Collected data
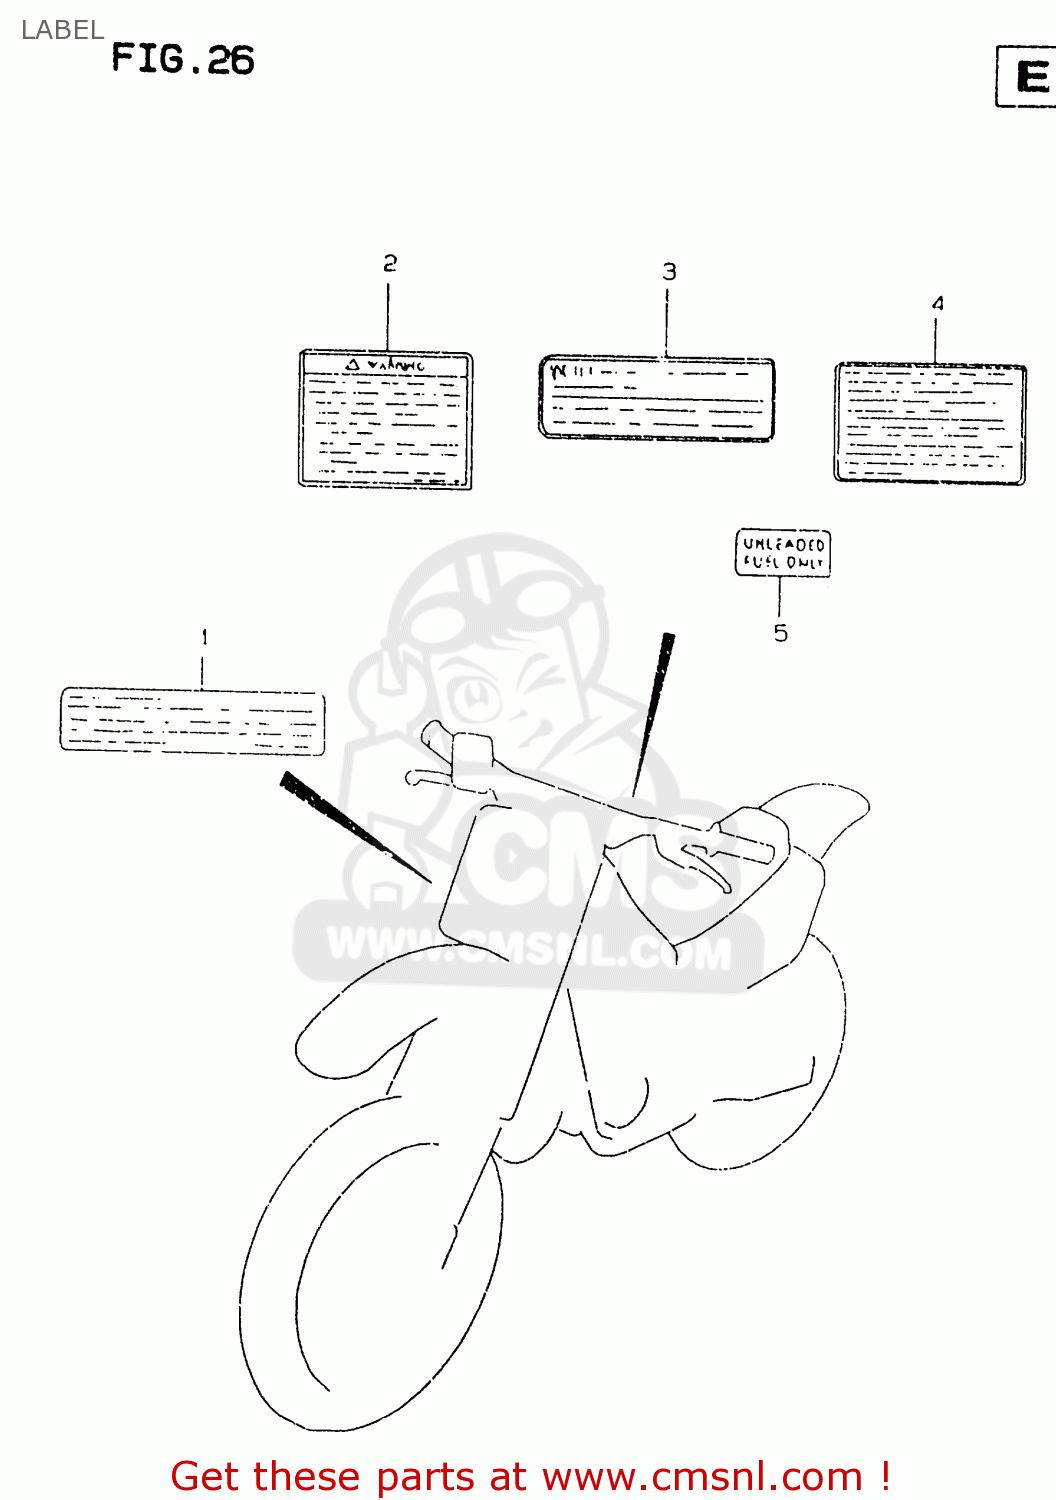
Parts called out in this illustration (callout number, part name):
1	PLATE,WARNING
2	LABEL,WARNING
3	LABEL,WARNING NO.2
4	LABEL,WARNING
5	LABEL,UNLEADED FUEL
6	MANUAL, OWNER'S
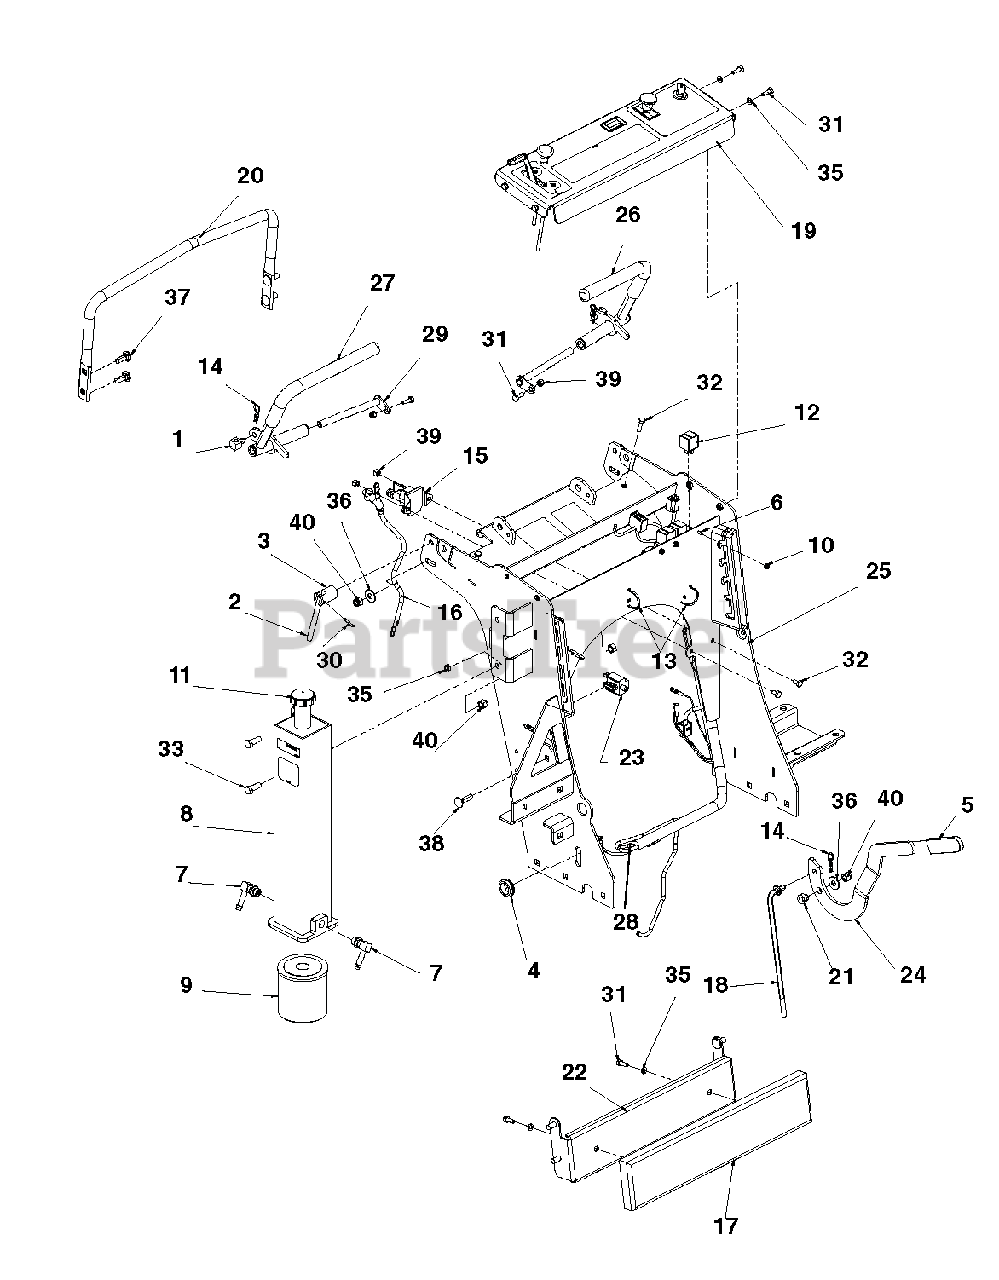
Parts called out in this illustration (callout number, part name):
1	SWIVEL ADJUSTER-THREAD SIZE 5/
2	LEVER, LOCK Y
3	BASE, LOCK LEVER Y
4	GROMMET:RUB:.88IDX1.38ODX.14GR
5	GRIP, PVC .250 X 1.00 X 3.63
6	SCREW,8-32X1/2
7	FTG, 90 9/16MOR X 3/8HOSE
8	RESERVOIR, HYDRAULIC
9	FILTER, OIL
10	#8.32 ELASTIC STOP NUT
11	CAP, FILLER, OIL
12	RELAY, ISO MINI ELEC.
13	CABLE TIE, .15 X 8.50
14	PIN, HAR .091X1.63 5/16-1/2 Y
15	SOLENOID
16	CABLE, 12" STARTER
17	PAD, THIGH
18	LINK, BRAKE Y
19	CONTROL PANEL W/DECALS GDANE
20	SUPPORT, HANDLE PAINTED
21	BUSHING, BRAKE PIVOT Y
22	WLDT, THIGH PAD BRACKET
23	SWITCH, NO-NO-NC GREY PLUNGER
24	BRAKE LEVER, OFFSET
25	WLDT, CONSOLE 34 W/DECALS YELW
26	RH CONTROL LEVER W/GRIP
27	LH CONTROL LEVER W/GRIP
28	HARNESS, WIRING
29	WLDT, PIN AND LOCK Y
30	PIN, SPRING
31	BOLT, 1/4-20X.750 HEX 5 Y
32	BOLT, 1/4-20X1.00 HEX 5 Y
33	BOLT, 3/8-16X1.00 HEX 5 Y
34	NUT, 1/4-20 STD HEX GR5 Y
35	WASHER, .250 MED SPRG LOCK Y
36	WASHER, .375 REG FLAT Y
37	BOLT, 3/8-16X1.00 CRG 5 Y
38	BOLT, 3/8-16X1.25 CRG 5 Y
39	LOCKNUT, 1/4-20 WHIZ Y
40	LOCKNUT, 3/8-16 NYLOC Y

### Your goal
Find the string "CABLE" in the entries above. Copy each line where it occurs.

### The answer
13	CABLE TIE, .15 X 8.50
16	CABLE, 12" STARTER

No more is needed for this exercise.